Venerdì, 24 Novembre, 2017

Ue, multa record per Google: dovrà pagare 2,42 miliardi di euro

20170626_131601_0A45E219 Google, multa record dall'Ue: dovrà pagare 2,42 miliardi
Elvia Crecco | 27 Giugno, 2017, 19:59

Dopo alcune indagini avviate circa due anni fa, l'Antitrust della Commissione UE ha inviato a Google una multa da ben 2,42 miliardi di Euro per posizione dominante legata al servizio "Shopping". Non solo. L'azienda californiana ha ora 90 giorni per adeguarsi, oppure dovrà affrontare una nuova ammenda: fino al 5% del fatturato giornaliero di Alphabet (casa madre di Google). Il record precedente è di Intel, la società che produce microprocessori, che aveva ricevuto una multa di 1,06 miliardi di euro nel maggio del 2009 per posizione dominante sul mercato.

Va anche fatto notare che quando sulla barra del computer si clicca un indirizzo web raramente si finisce su quel sito: spesso si è dirottati su Google e solo da lì si può poi passare al sito desiderato, regalando un clic al motore di ricerca.

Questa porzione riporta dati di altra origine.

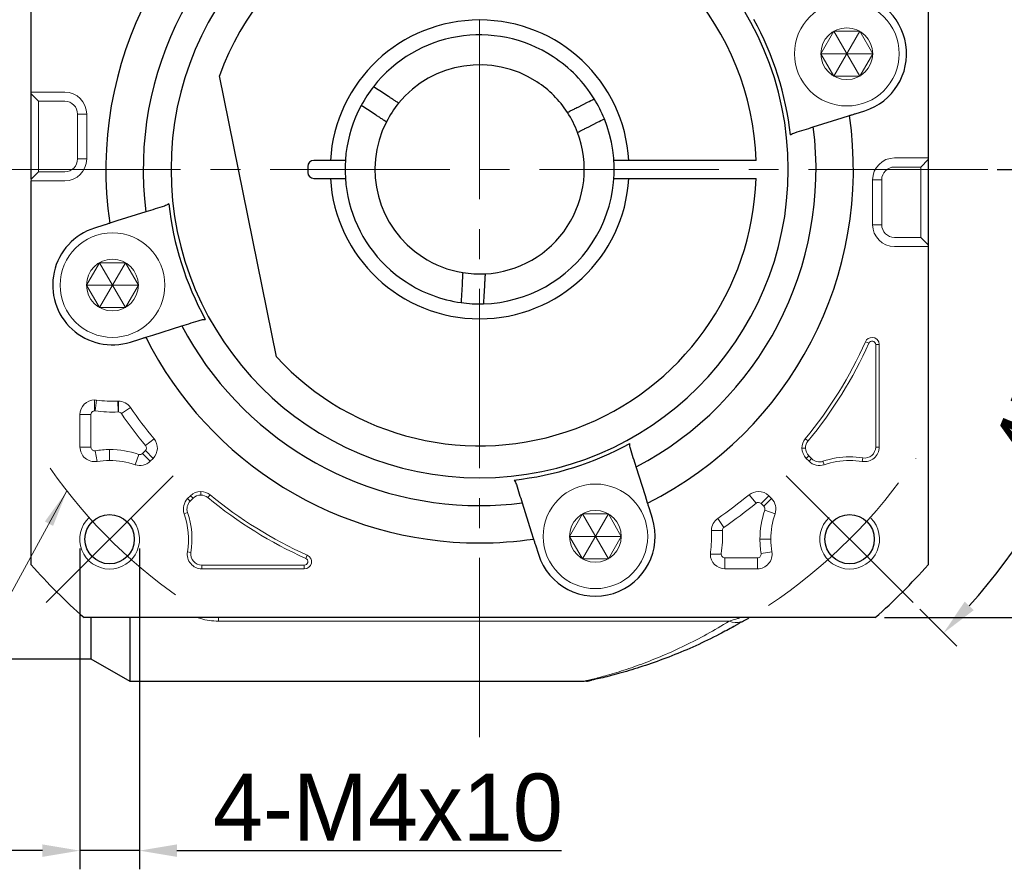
# Model space of a CAD drawing. Header units: millimetres. Extents: x 1360 to 1839, y 1023 to 1362.
# Tile 3 of 10: x 1416 to 1482, y 1176 to 1233. Entities that reach past the tile are written whole.
import ezdxf

# ---------------------------------------------------------------- set-up
doc = ezdxf.new("R2010")
doc.units = ezdxf.units.MM
doc.header["$PDSIZE"] = -5
doc.linetypes.add('点画线', pattern=[18, 12, -2, 2, -2])
doc.layers.get('0').update_dxf_attribs({"lineweight": 18})
doc.layers.get('Defpoints').update_dxf_attribs({"lineweight": 18})
for name, color, linetype, lineweight in [('7中心线层', 7, '点画线', 18), ('尺寸线', 7, 'Continuous', 18), ('尺寸线层', 3, 'Continuous', 18), ('粗实线', 7, 'Continuous', 50), ('细实线', 7, 'Continuous', 18)]:
    doc.layers.add(name, color=color, linetype=linetype, lineweight=lineweight)
doc.styles.add('工程字', font='txt')
doc.dimstyles.new('副本 ISO-25', dxfattribs={"dimtxt": 4.5, "dimasz": 2.5, "dimexe": 1.25, "dimexo": 0.625, "dimtad": 1, "dimtxsty": '工程字', "dimcen": 2.5, "dimdle": 5, "dimadec": 0, "dimazin": 0, "dimtfac": 1, "dimtmove": 0, "dimatfit": 3, "dimfxl": 1, "dimtolj": 1, "dimarcsym": 0})

# ---------------------------------------------------------------- blocks, each defined once
blk = doc.blocks.new('*X11')
at = {"layer": 'Defpoints', "color": 0, "lineweight": -2}
for p in [(1420.09, 1198.269), (1424.09, 1198.269), (1420.09, 1177.426)]:
    blk.add_point(p, dxfattribs=at)
at = {"layer": '尺寸线层', "color": 0, "lineweight": -2}
for p, q in [((1420.09, 1197.644), (1420.09, 1176.176)), ((1424.09, 1197.644), (1424.09, 1176.176)), ((1417.59, 1177.426), (1415.09, 1177.426)), ((1424.09, 1177.426), (1420.09, 1177.426)), ((1426.59, 1177.426), (1452.312, 1177.426))]:
    blk.add_line(p, q, dxfattribs=at)
for points in [[(1417.59, 1177.01), (1417.59, 1177.843), (1420.09, 1177.426)], [(1426.59, 1177.843), (1426.59, 1177.01), (1424.09, 1177.426)]]:
    blk.add_solid(points, dxfattribs=at)
at = {"layer": '尺寸线层', "color": 0, "insert": (1440.701, 1180.301), "char_height": 4.5, "attachment_point": 5, "style": '工程字'}
blk.add_mtext('\\A1;4-M4x10', dxfattribs=at)
blk = doc.blocks.new('*X12')
at = {"layer": 'Defpoints', "color": 0, "lineweight": -2}
for p in [(1473.296, 1253.018), (1473.296, 1193.018), (1498.674, 1193.018)]:
    blk.add_point(p, dxfattribs=at)
at = {"layer": '尺寸线层', "color": 0, "lineweight": -2}
for p, q in [((1473.921, 1253.018), (1499.924, 1253.018)), ((1498.674, 1250.518), (1498.674, 1195.518)), ((1473.921, 1193.018), (1499.924, 1193.018))]:
    blk.add_line(p, q, dxfattribs=at)
for points in [[(1499.091, 1250.518), (1498.258, 1250.518), (1498.674, 1253.018)], [(1498.258, 1195.518), (1499.091, 1195.518), (1498.674, 1193.018)]]:
    blk.add_solid(points, dxfattribs=at)
at = {"layer": '尺寸线层', "color": 0, "insert": (1495.799, 1223.018), "char_height": 4.5, "attachment_point": 5, "rotation": 90, "style": '工程字'}
blk.add_mtext('\\A1;60', dxfattribs=at)
blk = doc.blocks.new('*X13')
at = {"layer": 'Defpoints', "color": 0, "lineweight": -2}
for p in [(1475.83, 1252.009), (1467.345, 1243.524), (1487.358, 1239.802), (1392.925, 1223.018), (1480.839, 1223.018)]:
    blk.add_point(p, dxfattribs=at)
at = {"layer": '尺寸线层', "color": 0, "lineweight": -2}
for p, q in [((1476.272, 1252.451), (1478.735, 1254.914)), ((1481.464, 1223.018), (1491.947, 1223.018))]:
    blk.add_line(p, q, dxfattribs=at)
blk.add_arc((1446.839, 1223.018), 43.858, 3.26643, 41.73357, dxfattribs=at)
for points in [[(1479.871, 1252.499), (1479.265, 1251.927), (1477.851, 1254.03)], [(1490.209, 1225.505), (1491.042, 1225.529), (1490.697, 1223.018)]]:
    blk.add_solid(points, dxfattribs=at)
at = {"layer": '尺寸线层', "color": 0, "insert": (1490.014, 1240.902), "char_height": 4.5, "attachment_point": 5, "rotation": 292.5, "style": '工程字'}
blk.add_mtext('\\A1;45%%d', dxfattribs=at)
blk = doc.blocks.new('*X14')
at = {"layer": 'Defpoints', "color": 0, "lineweight": -2}
for p in [(1392.925, 1223.018), (1480.839, 1223.018), (1487.381, 1206.225), (1467.345, 1202.512), (1475.83, 1194.027)]:
    blk.add_point(p, dxfattribs=at)
at = {"layer": '尺寸线层', "color": 0, "lineweight": -2}
for p, q in [((1481.464, 1223.018), (1491.971, 1223.018)), ((1476.272, 1193.585), (1478.752, 1191.104))]:
    blk.add_line(p, q, dxfattribs=at)
blk.add_arc((1446.839, 1223.018), 43.883, 318.26459, 356.73541, dxfattribs=at)
for points in [[(1491.067, 1220.507), (1490.234, 1220.531), (1490.721, 1223.018)], [(1479.282, 1194.092), (1479.888, 1193.52), (1477.868, 1191.988)]]:
    blk.add_solid(points, dxfattribs=at)
at = {"layer": '尺寸线层', "color": 0, "insert": (1484.725, 1207.325), "char_height": 4.5, "attachment_point": 5, "rotation": 67.5, "style": '工程字'}
blk.add_mtext('\\A1;45%%d', dxfattribs=at)
blk = doc.blocks.new('*X22')
at = {"layer": '尺寸线', "linetype": 'Continuous'}
blk.add_hatch(color=0, dxfattribs=at).paths.add_polyline_path([(22.497, 24.073), (21.572, 21.73), (21.023, 22.029)], flags=0)
at = {"layer": '尺寸线', "color": 0, "linetype": 'Continuous'}
for p, q in [((22.497, 24.073), (9.33, 0)), ((9.33, 0), (0, 0))]:
    blk.add_line(p, q, dxfattribs=at)
at = {"layer": '尺寸线', "color": 0}
blk.add_line((0, 0), (0, 0), dxfattribs=at)

msp = doc.modelspace()

# ---------------------------------------------------------------- linework, layer by layer
for p, q in [((1416.8388, 1228.0736), (1416.8388, 1228.1834)), ((1416.8388, 1228.1834), (1417.3388, 1228.1834)), ((1416.8388, 1228.0736), (1417.3388, 1227.5749)), ((1416.8388, 1227.0761), (1416.8388, 1228.0736)), ((1417.3388, 1228.1834), (1419.0888, 1228.1834)), ((1416.8388, 1223.3582), (1416.8388, 1227.0761)), ((1417.3388, 1227.5749), (1419.0888, 1227.5749)), ((1419.9465, 1226.7172), (1420.0562, 1226.7172)), ((1419.9465, 1226.7172), (1419.9465, 1223.7172)), ((1420.555, 1226.7172), (1420.0562, 1226.7172)), ((1420.555, 1226.7172), (1420.555, 1223.7172)), ((1419.9465, 1223.7172), (1420.0562, 1223.7172)), ((1420.555, 1223.7172), (1420.0562, 1223.7172)), ((1474.5888, 1223.785), (1476.3388, 1223.785)), ((1476.8388, 1223.785), (1476.3388, 1223.785)), ((1476.8388, 1223.6752), (1476.3388, 1223.1764)), ((1476.8388, 1223.785), (1476.8388, 1223.6752)), ((1476.8388, 1223.6752), (1476.8388, 1222.6776)), ((1416.8388, 1222.3607), (1416.8388, 1223.3582)), ((1474.5888, 1223.1764), (1476.3388, 1223.1764)), ((1416.8388, 1222.3607), (1417.3388, 1222.8594)), ((1416.8388, 1222.2509), (1416.8388, 1222.3607)), ((1419.0888, 1222.8594), (1417.3388, 1222.8594)), ((1473.1225, 1219.3187), (1473.1225, 1222.3187)), ((1473.7311, 1219.3187), (1473.7311, 1222.3187)), ((1476.8388, 1222.6776), (1476.8388, 1218.9598)), ((1416.8388, 1222.2509), (1417.3388, 1222.2509)), ((1419.0888, 1222.2509), (1417.3388, 1222.2509)), ((1476.3388, 1218.461), (1474.5888, 1218.461)), ((1476.8388, 1217.9622), (1476.3388, 1218.461)), ((1476.8388, 1218.9598), (1476.8388, 1217.9622)), ((1476.3388, 1217.8525), (1474.5888, 1217.8525)), ((1476.8388, 1217.8525), (1476.3388, 1217.8525)), ((1476.8388, 1217.9622), (1476.8388, 1217.8525)), ((1472.8698, 1211.3897), (1472.6501, 1211.4879)), ((1473.3286, 1211.2919), (1473.5692, 1211.2919)), ((1473.3286, 1211.2919), (1473.3286, 1204.4385)), ((1473.5692, 1204.4385), (1473.5692, 1211.2919)), ((1421.0888, 1206.8564), (1421.0888, 1207.5868)), ((1421.1229, 1206.8543), (1421.2223, 1207.5777)), ((1422.6648, 1206.7838), (1422.6318, 1207.5132)), ((1422.6761, 1206.784), (1422.6761, 1207.5142)), ((1420.1083, 1206.6063), (1420.1083, 1204.4385)), ((1420.8384, 1206.6063), (1420.1083, 1206.6063)), ((1420.8384, 1204.4385), (1420.8384, 1206.6063)), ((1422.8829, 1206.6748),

Google, infatti, avrebbe abusato del suo strapotere sul mercato per acquisire un vantaggio illegale al servizio di comparazione degli acquisti.

La UE nega di aver preso di mira i colossi americani, ma sta di fatto che sul tavolo della commissione Concorrenza ci sono altri dossier etichettati Amazon, Apple, McDonald's e Starbuck's. La ragione è l'abuso della posizione dominante nel campo dei motori di ricerca. In questo modo Google avrebbe dato maggiore risalto al suo servizio penalizzando gli altri. Il servizio di Google ha potuto ricavarne guadagni significativi nel traffico rispetto ai suoi concorrenti e a scapito dei consumatori europei. "Google è all'origine di un grande numero di prodotti e servizi innovativi che hanno cambiato la nostra vita".

Nessun commento dalla commissione Ue sul caso Google, mentre l'azienda Usa ha dichiarato di "continuare a collaborare costruttivamente con le autorità europee" e di considerare "buone per i consumatori, gli operatori e la concorrenza" le innovazioni dello shopping online.

L'Antitrust europeo, dunque, giudica illegale questa pratica portata avanti da Google per promuovere il suo servizio di comparazione dello shopping, limitando, così, la possibilità per le altre aziende di competere. Il punto è che Google ha abusato del servizio di Shopping per attrarre più utenti facendo credere che i gli altri prodotti fossero di minor qualità.